# The incense trick to get negative pressure in your grow box.



## clambake (Mar 5, 2008)

I've been fiddleing with my grow box trying to get the max amt of airflow possible while having a slight negative pressure in the box so all the wonderfull stinks go straight thru the filter.

All you have to do is light you favorite incense and hold it near your intake vent to see how strongly the smoke gets pulled into it.  Also do this near the doors or anyother area that might allow air in or out.

you can also hold the incense in your box to see how the air flows inside your grow area.


----------



## screwdriver (Mar 5, 2008)

And if your carbon filter is working you shouldn,t smell the incense outside your grow area. 
An all in one test device.


----------



## clambake (Mar 5, 2008)

nice, didn't think about that, so again incense method ftw!


----------



## screwdriver (Mar 5, 2008)

I've also used a candle. Blow it out when your ready to test.


----------



## turtledro (Mar 5, 2008)

why not just blow some smoke in it?


----------



## clambake (Mar 5, 2008)

if you blow smoke in your using your mouth to change the airflow in the box.  The point of this is to see if smoke goes in on its own.  Candle is a good idea too you just have to keep relighting and blowing it out to check diff areas.

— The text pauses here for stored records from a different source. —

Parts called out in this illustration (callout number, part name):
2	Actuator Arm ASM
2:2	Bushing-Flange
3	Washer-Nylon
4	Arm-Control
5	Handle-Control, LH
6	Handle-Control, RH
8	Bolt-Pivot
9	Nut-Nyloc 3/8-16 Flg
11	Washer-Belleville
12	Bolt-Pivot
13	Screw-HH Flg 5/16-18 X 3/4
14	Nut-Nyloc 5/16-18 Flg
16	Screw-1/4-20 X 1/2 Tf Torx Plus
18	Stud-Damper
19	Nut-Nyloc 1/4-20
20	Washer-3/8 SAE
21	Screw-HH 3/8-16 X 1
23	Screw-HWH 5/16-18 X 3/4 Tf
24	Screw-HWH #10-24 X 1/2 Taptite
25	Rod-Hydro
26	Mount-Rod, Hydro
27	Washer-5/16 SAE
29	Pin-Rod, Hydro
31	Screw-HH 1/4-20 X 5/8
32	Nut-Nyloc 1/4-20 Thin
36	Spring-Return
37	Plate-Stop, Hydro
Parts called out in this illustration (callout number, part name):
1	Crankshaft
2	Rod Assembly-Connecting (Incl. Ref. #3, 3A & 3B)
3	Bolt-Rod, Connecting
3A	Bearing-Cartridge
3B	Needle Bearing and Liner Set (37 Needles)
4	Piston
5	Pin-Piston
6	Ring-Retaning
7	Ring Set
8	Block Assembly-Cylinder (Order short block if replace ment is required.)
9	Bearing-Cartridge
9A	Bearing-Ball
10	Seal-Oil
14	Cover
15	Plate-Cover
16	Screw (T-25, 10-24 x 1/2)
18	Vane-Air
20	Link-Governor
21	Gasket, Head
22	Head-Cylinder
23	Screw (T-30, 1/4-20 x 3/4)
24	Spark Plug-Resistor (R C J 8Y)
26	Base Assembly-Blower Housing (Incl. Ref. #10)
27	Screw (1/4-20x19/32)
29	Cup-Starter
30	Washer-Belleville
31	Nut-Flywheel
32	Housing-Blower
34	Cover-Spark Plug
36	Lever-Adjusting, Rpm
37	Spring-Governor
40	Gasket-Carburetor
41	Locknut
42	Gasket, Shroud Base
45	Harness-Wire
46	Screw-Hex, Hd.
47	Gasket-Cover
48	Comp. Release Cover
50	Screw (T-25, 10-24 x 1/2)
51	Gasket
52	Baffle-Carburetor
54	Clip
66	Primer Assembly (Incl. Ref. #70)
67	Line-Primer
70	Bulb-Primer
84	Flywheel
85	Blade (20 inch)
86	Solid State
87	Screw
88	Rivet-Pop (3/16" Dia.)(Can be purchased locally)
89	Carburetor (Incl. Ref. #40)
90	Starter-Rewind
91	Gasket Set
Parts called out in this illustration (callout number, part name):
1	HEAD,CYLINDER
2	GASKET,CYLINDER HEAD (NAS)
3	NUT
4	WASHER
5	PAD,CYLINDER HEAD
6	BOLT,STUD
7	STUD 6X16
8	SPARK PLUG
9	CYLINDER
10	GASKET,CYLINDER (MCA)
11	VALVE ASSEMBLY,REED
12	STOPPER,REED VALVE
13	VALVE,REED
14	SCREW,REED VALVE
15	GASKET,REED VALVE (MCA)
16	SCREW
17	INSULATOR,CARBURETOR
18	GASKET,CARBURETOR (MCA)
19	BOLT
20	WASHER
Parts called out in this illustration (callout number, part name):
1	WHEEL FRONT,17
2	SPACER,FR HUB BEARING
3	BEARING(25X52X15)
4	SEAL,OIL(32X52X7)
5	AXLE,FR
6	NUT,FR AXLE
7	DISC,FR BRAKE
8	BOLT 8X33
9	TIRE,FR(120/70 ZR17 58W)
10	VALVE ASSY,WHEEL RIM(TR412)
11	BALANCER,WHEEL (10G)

I suppose you could use a blunt or a jay, but hey im out atm : )


----------



## screwdriver (Mar 5, 2008)

Its best to have a thick "floating" stream of smoke. Like you see in a wind tunnel.  You can just use smoke if its thick enough and you can see flow direction.  Just an indicator.


----------



## trillions of atoms (Mar 5, 2008)

yeah a j is good touse inside and out to see how the flow works......good post- rep for it


----------